Goal of the exercise: Every line in the listing below from the one with "5 to Extrusion 6 sketch curve" through the one with "aligned and locked: plane 7" is to be reproduced exactly, both ends included; leave out the rest.

Source material:
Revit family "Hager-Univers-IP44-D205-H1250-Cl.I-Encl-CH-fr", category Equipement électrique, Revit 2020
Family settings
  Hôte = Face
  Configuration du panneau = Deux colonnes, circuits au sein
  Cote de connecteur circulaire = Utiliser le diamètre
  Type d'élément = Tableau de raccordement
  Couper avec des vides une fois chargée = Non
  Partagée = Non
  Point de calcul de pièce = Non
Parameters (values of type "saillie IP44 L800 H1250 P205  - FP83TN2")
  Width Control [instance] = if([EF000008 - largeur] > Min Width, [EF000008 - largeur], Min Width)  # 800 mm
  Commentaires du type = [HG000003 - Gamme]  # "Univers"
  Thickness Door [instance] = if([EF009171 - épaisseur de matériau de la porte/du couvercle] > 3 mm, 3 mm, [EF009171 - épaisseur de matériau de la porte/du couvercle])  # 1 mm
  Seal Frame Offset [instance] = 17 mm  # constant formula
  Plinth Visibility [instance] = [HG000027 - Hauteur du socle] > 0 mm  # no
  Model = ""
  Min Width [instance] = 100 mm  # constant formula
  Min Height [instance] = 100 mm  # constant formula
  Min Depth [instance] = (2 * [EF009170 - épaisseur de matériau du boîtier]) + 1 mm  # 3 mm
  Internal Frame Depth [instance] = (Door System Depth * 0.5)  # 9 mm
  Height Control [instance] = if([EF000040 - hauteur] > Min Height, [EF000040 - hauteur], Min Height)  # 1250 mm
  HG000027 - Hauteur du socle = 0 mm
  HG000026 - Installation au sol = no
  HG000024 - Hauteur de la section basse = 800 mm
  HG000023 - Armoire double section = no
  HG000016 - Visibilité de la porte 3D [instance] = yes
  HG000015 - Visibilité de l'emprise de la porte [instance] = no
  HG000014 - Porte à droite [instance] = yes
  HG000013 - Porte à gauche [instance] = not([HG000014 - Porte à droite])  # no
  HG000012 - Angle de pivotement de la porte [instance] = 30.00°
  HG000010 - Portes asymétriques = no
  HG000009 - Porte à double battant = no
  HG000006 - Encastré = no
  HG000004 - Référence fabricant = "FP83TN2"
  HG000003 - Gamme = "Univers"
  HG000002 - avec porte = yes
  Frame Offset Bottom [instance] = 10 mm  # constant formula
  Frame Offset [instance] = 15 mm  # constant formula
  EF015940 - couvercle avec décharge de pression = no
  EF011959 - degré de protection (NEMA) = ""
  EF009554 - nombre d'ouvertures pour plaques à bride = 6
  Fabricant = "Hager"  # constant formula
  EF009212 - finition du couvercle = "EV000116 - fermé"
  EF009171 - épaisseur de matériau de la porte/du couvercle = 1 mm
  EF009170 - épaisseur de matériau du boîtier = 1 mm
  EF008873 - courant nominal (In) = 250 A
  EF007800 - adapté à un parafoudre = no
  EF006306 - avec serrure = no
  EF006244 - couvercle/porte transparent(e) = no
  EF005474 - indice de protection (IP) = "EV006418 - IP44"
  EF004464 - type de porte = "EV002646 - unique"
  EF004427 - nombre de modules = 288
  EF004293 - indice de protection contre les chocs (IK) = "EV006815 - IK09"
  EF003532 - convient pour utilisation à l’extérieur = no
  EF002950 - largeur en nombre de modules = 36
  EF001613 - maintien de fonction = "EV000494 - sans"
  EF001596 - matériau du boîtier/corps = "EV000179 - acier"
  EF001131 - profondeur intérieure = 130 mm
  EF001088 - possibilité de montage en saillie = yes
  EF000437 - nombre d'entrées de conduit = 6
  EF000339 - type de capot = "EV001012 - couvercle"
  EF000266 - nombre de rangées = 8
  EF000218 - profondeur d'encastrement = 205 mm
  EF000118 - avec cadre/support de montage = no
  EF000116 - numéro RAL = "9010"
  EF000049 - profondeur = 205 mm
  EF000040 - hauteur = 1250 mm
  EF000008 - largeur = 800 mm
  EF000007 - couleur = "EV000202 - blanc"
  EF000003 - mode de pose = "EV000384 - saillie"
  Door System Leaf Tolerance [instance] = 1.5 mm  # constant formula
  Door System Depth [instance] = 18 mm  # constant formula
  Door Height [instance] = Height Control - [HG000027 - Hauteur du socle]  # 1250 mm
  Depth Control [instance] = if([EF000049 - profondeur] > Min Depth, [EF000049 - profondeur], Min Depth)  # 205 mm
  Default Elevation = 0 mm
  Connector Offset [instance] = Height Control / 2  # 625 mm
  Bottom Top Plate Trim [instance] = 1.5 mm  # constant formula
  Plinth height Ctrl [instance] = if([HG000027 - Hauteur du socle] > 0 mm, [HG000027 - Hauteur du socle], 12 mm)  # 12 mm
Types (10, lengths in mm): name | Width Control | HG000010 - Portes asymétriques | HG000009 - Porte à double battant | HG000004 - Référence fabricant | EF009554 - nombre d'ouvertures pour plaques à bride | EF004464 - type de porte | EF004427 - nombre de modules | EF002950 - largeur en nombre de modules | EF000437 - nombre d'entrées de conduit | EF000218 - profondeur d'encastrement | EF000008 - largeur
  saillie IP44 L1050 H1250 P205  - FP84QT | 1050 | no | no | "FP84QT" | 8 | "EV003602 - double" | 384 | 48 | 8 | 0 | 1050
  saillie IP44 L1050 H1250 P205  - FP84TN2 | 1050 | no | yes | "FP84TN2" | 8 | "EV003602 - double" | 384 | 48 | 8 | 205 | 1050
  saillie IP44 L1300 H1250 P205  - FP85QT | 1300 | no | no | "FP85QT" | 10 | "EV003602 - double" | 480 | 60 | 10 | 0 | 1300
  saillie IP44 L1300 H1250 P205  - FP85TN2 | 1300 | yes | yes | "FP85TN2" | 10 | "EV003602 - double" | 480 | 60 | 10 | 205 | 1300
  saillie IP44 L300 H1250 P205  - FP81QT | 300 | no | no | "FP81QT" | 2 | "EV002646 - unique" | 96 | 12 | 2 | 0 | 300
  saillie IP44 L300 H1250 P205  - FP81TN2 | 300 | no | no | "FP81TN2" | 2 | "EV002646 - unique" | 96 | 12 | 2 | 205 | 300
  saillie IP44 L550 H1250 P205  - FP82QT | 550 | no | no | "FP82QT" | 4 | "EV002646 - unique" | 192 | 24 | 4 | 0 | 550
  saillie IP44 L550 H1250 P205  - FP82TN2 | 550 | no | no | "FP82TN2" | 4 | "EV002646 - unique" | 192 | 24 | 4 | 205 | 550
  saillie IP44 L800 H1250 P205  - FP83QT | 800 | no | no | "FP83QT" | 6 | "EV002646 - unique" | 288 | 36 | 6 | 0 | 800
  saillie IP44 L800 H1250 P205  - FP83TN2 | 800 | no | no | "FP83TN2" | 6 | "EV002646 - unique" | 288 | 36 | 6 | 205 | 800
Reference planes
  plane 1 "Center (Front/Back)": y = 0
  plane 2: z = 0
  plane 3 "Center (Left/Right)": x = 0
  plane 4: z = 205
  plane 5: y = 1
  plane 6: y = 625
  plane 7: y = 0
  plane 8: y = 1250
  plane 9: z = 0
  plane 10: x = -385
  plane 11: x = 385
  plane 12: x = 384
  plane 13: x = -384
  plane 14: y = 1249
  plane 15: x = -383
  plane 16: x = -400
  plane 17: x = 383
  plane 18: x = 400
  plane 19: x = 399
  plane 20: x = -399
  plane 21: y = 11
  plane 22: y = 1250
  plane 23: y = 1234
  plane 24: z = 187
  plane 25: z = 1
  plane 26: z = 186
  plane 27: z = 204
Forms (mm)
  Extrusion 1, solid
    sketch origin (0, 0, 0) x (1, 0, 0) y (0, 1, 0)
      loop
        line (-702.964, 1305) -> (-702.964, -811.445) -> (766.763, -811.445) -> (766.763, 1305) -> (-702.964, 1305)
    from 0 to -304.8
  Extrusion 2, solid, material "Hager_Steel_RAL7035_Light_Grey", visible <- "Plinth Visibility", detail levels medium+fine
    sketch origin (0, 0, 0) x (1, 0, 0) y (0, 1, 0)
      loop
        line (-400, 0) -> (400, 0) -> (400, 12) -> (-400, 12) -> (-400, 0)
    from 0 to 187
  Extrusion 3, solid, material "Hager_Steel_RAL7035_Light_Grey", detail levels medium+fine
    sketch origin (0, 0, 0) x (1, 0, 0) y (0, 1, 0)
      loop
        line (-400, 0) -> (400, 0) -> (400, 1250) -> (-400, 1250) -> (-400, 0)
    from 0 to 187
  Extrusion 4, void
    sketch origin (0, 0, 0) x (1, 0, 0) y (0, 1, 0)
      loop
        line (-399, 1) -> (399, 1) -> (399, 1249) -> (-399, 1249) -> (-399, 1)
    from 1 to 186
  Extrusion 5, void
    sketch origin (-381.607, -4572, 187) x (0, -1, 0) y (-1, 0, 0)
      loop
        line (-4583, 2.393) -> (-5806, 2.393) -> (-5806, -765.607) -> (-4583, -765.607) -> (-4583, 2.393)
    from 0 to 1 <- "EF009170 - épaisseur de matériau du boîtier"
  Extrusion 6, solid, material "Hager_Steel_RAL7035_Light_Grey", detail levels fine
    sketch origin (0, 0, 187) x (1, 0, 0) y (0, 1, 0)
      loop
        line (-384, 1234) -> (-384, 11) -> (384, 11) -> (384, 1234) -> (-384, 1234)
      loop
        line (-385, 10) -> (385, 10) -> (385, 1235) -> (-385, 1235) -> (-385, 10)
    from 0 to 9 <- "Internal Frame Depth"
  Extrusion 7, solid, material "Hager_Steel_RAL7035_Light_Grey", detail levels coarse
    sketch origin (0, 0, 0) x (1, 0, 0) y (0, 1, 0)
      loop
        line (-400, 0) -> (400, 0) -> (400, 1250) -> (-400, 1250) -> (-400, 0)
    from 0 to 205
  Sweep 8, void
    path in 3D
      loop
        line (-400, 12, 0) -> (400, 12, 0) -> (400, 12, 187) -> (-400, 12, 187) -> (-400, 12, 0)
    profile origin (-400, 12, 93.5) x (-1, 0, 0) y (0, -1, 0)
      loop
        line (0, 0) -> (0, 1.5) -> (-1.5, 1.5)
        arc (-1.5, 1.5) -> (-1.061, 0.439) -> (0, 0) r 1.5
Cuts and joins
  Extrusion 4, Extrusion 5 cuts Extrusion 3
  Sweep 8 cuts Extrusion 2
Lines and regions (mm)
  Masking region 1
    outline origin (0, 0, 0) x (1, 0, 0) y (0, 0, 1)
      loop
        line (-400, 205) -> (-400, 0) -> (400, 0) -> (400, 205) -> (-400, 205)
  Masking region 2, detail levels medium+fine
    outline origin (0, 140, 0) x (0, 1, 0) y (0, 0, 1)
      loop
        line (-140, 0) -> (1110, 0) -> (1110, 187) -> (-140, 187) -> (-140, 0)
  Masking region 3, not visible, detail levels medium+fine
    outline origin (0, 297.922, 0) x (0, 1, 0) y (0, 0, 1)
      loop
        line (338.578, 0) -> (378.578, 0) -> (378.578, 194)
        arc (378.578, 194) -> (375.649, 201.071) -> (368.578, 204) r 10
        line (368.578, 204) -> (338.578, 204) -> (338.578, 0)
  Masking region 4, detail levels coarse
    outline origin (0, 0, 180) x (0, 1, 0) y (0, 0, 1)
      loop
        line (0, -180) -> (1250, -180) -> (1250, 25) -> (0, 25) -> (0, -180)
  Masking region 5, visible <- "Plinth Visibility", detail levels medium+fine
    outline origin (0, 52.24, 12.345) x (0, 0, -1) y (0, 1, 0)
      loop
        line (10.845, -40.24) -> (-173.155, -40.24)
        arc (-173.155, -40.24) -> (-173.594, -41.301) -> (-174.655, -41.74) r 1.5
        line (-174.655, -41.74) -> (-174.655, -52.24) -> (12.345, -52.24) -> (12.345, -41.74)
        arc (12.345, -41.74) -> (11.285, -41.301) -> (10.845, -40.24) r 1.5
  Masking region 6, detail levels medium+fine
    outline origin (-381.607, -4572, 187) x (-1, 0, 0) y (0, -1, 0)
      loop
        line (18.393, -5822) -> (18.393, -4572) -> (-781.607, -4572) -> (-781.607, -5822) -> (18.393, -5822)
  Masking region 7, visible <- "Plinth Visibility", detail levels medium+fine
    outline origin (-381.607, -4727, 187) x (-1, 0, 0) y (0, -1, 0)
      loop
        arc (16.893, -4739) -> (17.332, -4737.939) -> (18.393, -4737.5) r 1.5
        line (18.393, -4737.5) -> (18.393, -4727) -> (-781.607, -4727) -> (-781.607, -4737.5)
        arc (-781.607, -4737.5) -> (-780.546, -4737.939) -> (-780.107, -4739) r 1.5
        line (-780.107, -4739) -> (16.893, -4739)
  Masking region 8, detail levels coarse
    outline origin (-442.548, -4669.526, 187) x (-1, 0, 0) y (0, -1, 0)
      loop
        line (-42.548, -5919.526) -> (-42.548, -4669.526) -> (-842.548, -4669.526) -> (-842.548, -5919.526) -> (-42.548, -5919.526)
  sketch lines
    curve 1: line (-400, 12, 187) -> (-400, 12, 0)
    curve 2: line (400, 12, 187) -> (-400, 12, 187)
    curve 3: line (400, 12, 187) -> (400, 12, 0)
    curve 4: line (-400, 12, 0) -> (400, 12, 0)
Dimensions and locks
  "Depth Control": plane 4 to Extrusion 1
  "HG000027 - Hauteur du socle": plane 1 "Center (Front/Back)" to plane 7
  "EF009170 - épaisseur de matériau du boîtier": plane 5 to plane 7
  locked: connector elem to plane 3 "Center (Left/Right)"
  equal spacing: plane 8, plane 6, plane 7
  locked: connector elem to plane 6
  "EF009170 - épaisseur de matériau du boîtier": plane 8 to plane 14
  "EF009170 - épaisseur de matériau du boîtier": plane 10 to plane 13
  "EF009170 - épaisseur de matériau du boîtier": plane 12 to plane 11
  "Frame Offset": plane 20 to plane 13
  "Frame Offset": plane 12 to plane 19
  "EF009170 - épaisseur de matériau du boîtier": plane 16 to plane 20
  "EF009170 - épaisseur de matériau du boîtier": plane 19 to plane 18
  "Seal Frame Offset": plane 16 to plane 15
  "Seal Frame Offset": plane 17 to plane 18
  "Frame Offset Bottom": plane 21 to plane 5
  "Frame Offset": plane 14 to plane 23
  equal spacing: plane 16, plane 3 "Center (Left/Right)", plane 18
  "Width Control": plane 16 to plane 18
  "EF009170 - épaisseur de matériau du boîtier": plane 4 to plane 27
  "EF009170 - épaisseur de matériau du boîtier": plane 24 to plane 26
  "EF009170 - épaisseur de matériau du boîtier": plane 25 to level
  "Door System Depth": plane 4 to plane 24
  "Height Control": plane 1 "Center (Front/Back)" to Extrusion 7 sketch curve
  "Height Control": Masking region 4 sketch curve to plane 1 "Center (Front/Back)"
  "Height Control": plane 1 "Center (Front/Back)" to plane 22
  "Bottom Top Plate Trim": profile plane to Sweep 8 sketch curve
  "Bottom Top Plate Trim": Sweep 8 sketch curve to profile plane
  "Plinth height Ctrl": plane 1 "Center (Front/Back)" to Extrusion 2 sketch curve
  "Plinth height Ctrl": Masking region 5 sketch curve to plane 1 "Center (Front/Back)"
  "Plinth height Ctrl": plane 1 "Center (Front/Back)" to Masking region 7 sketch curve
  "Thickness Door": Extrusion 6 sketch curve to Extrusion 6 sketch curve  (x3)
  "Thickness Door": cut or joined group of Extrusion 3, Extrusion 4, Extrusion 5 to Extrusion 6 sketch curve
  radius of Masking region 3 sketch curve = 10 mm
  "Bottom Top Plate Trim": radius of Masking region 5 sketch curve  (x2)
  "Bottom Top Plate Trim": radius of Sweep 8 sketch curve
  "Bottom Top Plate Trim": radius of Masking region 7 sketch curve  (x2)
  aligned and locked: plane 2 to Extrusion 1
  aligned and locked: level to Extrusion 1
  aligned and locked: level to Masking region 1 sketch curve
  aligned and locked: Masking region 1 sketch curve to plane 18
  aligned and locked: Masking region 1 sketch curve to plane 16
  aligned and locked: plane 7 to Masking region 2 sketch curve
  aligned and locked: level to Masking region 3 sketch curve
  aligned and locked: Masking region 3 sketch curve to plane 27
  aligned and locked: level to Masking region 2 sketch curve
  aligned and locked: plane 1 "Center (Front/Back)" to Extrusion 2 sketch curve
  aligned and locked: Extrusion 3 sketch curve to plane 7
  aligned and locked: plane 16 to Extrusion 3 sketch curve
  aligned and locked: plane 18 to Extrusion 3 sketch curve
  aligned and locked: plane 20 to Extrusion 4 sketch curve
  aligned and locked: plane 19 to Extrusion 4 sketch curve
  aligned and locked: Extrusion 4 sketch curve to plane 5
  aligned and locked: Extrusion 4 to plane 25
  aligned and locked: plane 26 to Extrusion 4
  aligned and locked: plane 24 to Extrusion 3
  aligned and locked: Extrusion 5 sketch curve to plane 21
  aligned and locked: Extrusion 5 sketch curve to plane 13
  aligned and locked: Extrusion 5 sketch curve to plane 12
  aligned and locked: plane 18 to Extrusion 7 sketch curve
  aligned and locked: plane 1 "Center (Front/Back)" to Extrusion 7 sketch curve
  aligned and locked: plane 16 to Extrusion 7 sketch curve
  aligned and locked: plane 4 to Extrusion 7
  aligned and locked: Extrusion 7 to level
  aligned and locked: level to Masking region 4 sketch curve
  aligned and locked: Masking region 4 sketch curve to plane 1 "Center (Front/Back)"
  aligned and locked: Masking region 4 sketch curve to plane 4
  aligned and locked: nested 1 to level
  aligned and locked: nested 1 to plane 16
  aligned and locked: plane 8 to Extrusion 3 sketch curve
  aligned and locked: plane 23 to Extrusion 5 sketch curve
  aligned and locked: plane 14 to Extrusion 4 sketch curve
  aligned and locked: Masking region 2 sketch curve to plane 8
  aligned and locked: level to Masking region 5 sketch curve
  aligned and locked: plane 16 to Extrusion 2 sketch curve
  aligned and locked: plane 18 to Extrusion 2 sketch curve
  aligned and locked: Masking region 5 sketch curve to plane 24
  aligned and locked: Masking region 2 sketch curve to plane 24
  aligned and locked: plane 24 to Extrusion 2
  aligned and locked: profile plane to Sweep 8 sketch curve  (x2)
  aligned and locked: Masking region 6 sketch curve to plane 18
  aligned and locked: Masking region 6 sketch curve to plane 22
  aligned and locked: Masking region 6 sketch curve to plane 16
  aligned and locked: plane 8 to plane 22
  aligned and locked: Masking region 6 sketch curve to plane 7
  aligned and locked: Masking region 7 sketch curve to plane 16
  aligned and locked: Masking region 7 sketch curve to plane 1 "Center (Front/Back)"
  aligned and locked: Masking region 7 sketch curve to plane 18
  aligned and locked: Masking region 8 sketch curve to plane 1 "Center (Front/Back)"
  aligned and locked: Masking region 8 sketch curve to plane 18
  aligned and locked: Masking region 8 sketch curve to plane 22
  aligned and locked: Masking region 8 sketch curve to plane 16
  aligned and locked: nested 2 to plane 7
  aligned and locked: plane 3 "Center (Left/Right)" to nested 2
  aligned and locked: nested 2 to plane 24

Solution below:
  "Thickness Door": cut or joined group of Extrusion 3, Extrusion 4, Extrusion 5 to Extrusion 6 sketch curve
  radius of Masking region 3 sketch curve = 10 mm
  "Bottom Top Plate Trim": radius of Masking region 5 sketch curve  (x2)
  "Bottom Top Plate Trim": radius of Sweep 8 sketch curve
  "Bottom Top Plate Trim": radius of Masking region 7 sketch curve  (x2)
  aligned and locked: plane 2 to Extrusion 1
  aligned and locked: level to Extrusion 1
  aligned and locked: level to Masking region 1 sketch curve
  aligned and locked: Masking region 1 sketch curve to plane 18
  aligned and locked: Masking region 1 sketch curve to plane 16
  aligned and locked: plane 7 to Masking region 2 sketch curve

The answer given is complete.